What the task asks: Set down, please, exactly the lines below that run from the line with "#13040 = ORIENTED_EDGE( '', *, *, #14986, .T." to the line with "#16443 = EDGE_CURVE( '', #18172, #18252, #20192, .T.", both lines included.
________________________________________
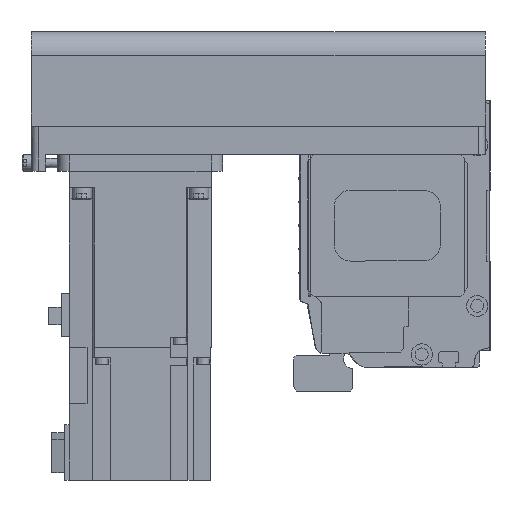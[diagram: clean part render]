
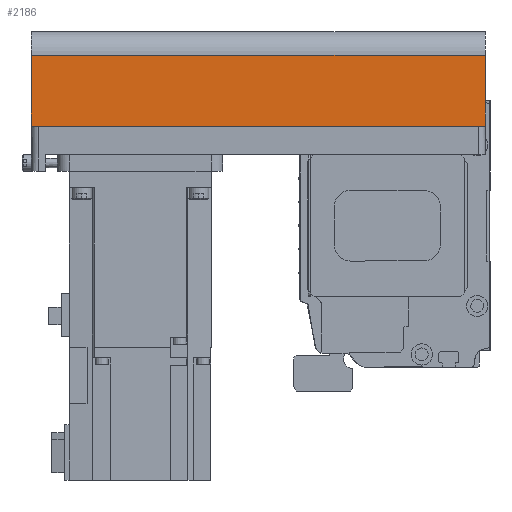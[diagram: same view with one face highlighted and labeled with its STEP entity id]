
A CAD part, left-side view. The second image highlights one B-rep face of the part: STEP entity #2186.
In plain terms, the highlighted planar face has unit normal (-1, 0, 0) as drawn and (0, 1, 0) by its records, which use the part's own axes.
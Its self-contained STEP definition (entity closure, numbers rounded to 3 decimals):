
#2186 = ADVANCED_FACE( '', ( #4601 ), #4602, .T. );
#4601 = FACE_OUTER_BOUND( '', #7113, .T. );
#4602 = PLANE( '', #7114 );
#7113 = EDGE_LOOP( '', ( #13038, #13039, #13040, #13041 ) );
#7114 = AXIS2_PLACEMENT_3D( '', #13042, #13043, #13044 );
#13038 = ORIENTED_EDGE( '', *, *, #15878, .F. );
#13039 = ORIENTED_EDGE( '', *, *, #16102, .F. );
#13040 = ORIENTED_EDGE( '', *, *, #14986, .T. );
#13041 = ORIENTED_EDGE( '', *, *, #16443, .T. );
#13042 = CARTESIAN_POINT( '', ( -192., 40., -42. ) );
#13043 = DIRECTION( '', ( 0., 1., 0. ) );
#13044 = DIRECTION( '', ( 0., 0., 1. ) );
#14986 = EDGE_CURVE( '', #18174, #18172, #18175, .T. );
#15878 = EDGE_CURVE( '', #19503, #18252, #19504, .T. );
#16102 = EDGE_CURVE( '', #18174, #19503, #19787, .T. );
#16443 = EDGE_CURVE( '', #18172, #18252, #20192, .T. );
#18172 = VERTEX_POINT( '', #22442 );
#18174 = VERTEX_POINT( '', #22445 );
#18175 = LINE( '', #22446, #22447 );
#18252 = VERTEX_POINT( '', #22547 );
#19503 = VERTEX_POINT( '', #24230 );
#19504 = LINE( '', #24231, #24232 );
#19787 = LINE( '', #24607, #24608 );
#20192 = LINE( '', #25143, #25144 );
#22442 = CARTESIAN_POINT( '', ( -192., 40., -12.1 ) );
#22445 = CARTESIAN_POINT( '', ( -192., 40., -42. ) );
#22446 = CARTESIAN_POINT( '', ( -192., 40., -42. ) );
#22447 = VECTOR( '', #26514, 1000. );
#22547 = CARTESIAN_POINT( '', ( 0., 40., -12.1 ) );
#24230 = CARTESIAN_POINT( '', ( 0., 40., -42. ) );
#24231 = CARTESIAN_POINT( '', ( 0., 40., -42. ) );
#24232 = VECTOR( '', #27615, 1000. );
#24607 = CARTESIAN_POINT( '', ( -192., 40., -42. ) );
#24608 = VECTOR( '', #27849, 1000. );
#25143 = CARTESIAN_POINT( '', ( -192., 40., -12.1 ) );
#25144 = VECTOR( '', #28163, 1000. );
#26514 = DIRECTION( '', ( 0., 0., 1. ) );
#27615 = DIRECTION( '', ( 0., 0., 1. ) );
#27849 = DIRECTION( '', ( 1., 0., 0. ) );
#28163 = DIRECTION( '', ( 1., 0., 0. ) );
________________________________________
Written solution:
#13040 = ORIENTED_EDGE( '', *, *, #14986, .T. );
#13041 = ORIENTED_EDGE( '', *, *, #16443, .T. );
#13042 = CARTESIAN_POINT( '', ( -192., 40., -42. ) );
#13043 = DIRECTION( '', ( 0., 1., 0. ) );
#13044 = DIRECTION( '', ( 0., 0., 1. ) );
#14986 = EDGE_CURVE( '', #18174, #18172, #18175, .T. );
#15878 = EDGE_CURVE( '', #19503, #18252, #19504, .T. );
#16102 = EDGE_CURVE( '', #18174, #19503, #19787, .T. );
#16443 = EDGE_CURVE( '', #18172, #18252, #20192, .T. );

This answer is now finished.